Data entries:
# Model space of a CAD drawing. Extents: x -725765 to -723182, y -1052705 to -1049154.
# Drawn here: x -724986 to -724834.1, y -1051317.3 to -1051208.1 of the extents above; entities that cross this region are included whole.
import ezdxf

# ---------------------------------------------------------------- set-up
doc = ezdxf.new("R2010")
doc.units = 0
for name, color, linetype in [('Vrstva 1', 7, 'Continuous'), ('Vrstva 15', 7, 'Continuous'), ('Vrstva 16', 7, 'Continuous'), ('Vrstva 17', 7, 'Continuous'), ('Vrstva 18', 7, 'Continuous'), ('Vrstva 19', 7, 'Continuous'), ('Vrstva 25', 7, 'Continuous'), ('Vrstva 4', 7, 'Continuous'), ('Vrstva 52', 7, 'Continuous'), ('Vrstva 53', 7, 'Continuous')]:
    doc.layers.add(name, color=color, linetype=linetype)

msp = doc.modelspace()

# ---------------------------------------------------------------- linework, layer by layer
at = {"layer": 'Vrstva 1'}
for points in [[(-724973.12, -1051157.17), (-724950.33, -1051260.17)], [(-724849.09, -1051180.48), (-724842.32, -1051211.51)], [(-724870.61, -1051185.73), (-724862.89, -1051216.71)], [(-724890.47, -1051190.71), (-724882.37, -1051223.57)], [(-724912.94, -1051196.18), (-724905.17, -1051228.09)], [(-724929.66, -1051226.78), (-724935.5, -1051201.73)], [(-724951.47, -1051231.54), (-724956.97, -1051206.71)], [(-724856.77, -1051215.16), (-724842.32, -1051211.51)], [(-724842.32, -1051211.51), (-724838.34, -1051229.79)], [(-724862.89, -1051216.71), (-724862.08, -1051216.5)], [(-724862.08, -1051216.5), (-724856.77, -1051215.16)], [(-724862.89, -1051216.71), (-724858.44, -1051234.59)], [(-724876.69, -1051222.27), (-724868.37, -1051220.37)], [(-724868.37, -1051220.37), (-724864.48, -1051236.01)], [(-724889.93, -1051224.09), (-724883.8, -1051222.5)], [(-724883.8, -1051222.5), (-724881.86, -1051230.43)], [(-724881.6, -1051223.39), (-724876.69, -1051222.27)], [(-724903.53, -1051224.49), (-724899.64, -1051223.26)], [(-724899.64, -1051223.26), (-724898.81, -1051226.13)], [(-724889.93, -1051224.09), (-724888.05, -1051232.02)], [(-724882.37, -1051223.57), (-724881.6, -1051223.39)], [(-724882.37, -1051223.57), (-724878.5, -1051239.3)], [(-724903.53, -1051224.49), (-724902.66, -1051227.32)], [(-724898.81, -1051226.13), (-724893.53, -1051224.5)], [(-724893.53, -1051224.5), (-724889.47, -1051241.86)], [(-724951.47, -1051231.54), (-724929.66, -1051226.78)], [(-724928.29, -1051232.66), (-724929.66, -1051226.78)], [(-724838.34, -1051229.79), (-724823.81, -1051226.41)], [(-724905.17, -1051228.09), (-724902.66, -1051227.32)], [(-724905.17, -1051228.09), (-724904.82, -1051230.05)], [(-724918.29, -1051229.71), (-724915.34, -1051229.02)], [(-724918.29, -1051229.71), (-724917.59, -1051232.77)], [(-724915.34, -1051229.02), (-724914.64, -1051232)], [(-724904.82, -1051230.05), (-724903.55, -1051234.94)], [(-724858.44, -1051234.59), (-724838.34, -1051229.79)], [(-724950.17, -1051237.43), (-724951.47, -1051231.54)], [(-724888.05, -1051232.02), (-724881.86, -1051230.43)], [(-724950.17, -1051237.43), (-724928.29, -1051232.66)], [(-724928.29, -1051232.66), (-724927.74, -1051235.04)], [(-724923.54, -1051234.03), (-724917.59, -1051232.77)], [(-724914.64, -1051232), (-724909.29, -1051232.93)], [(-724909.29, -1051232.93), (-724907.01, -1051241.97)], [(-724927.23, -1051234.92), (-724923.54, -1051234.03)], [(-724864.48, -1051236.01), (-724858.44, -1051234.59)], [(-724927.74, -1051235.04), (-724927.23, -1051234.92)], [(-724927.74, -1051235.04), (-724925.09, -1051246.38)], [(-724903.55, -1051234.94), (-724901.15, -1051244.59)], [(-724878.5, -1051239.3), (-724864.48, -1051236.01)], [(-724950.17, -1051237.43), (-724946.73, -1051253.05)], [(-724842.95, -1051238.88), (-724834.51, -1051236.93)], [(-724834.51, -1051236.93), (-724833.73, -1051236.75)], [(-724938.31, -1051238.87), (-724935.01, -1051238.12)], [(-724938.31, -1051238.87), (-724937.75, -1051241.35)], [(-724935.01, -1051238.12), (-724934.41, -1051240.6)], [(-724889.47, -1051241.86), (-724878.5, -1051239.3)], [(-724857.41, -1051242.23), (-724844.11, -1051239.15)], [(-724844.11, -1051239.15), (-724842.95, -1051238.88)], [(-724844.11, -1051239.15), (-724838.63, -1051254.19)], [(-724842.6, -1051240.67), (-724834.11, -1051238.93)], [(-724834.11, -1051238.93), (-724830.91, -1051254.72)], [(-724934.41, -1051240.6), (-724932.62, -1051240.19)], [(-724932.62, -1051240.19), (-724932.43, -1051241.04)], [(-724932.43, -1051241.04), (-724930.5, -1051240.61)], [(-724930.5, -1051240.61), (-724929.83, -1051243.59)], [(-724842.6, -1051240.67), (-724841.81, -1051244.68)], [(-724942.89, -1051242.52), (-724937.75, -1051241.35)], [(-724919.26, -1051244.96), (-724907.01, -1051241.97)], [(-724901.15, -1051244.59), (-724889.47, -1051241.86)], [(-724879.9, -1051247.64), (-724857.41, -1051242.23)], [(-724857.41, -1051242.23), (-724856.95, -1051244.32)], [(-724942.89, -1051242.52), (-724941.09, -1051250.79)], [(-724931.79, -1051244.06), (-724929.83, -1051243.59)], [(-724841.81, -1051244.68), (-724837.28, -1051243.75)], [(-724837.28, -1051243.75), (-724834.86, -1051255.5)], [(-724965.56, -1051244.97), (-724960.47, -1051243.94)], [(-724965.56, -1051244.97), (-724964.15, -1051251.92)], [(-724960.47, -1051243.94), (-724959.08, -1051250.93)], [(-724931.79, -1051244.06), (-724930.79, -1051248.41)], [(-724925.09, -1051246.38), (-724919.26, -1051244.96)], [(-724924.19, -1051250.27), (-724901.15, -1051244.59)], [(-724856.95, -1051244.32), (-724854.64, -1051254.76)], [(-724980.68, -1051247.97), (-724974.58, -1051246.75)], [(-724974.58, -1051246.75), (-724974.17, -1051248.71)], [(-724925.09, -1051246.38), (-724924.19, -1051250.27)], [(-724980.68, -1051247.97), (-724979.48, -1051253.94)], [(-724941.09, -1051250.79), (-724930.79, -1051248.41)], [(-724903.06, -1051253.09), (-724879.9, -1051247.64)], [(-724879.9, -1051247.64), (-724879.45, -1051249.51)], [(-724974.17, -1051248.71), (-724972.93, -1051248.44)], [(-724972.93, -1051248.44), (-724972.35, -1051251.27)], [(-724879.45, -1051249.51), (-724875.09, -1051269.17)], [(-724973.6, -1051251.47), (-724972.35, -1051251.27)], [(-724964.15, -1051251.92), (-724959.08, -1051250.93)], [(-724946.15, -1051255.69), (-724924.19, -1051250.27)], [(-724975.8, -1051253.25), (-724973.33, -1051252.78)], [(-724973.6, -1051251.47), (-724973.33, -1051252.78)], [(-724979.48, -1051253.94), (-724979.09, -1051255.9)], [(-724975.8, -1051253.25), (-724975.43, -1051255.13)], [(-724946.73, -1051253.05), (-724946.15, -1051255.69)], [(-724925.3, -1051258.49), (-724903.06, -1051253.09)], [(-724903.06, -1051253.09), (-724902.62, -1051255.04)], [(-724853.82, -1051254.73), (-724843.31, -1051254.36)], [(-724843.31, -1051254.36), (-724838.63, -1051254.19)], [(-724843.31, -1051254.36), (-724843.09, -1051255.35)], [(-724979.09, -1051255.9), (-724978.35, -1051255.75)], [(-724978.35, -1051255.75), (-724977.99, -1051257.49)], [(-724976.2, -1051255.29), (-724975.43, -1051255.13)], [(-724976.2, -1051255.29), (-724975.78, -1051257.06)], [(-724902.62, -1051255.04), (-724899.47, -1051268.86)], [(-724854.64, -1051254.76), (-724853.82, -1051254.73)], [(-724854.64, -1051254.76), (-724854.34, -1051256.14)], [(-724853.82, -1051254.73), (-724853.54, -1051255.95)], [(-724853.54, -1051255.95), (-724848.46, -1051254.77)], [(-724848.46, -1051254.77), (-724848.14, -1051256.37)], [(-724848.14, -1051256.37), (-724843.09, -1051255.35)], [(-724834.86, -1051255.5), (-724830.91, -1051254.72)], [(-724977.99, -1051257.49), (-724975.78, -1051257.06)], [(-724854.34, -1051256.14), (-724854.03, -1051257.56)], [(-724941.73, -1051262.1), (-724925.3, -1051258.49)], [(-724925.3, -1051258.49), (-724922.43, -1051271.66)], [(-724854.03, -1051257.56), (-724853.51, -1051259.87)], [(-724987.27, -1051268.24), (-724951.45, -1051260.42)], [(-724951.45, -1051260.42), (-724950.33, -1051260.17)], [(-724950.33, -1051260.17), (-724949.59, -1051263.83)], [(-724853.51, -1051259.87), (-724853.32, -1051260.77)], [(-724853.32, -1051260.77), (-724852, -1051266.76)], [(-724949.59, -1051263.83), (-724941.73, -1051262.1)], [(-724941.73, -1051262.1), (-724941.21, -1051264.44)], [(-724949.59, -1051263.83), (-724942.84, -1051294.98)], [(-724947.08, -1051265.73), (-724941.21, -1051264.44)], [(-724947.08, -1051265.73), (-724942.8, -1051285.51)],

# [Assignment]
Please filter the data down to the lines containing the word "color".

# [The completed task]
for name, color, linetype in [('Vrstva 1', 7, 'Continuous'), ('Vrstva 15', 7, 'Continuous'), ('Vrstva 16', 7, 'Continuous'), ('Vrstva 17', 7, 'Continuous'), ('Vrstva 18', 7, 'Continuous'), ('Vrstva 19', 7, 'Continuous'), ('Vrstva 25', 7, 'Continuous'), ('Vrstva 4', 7, 'Continuous'), ('Vrstva 52', 7, 'Continuous'), ('Vrstva 53', 7, 'Continuous')]:
    doc.layers.add(name, color=color, linetype=linetype)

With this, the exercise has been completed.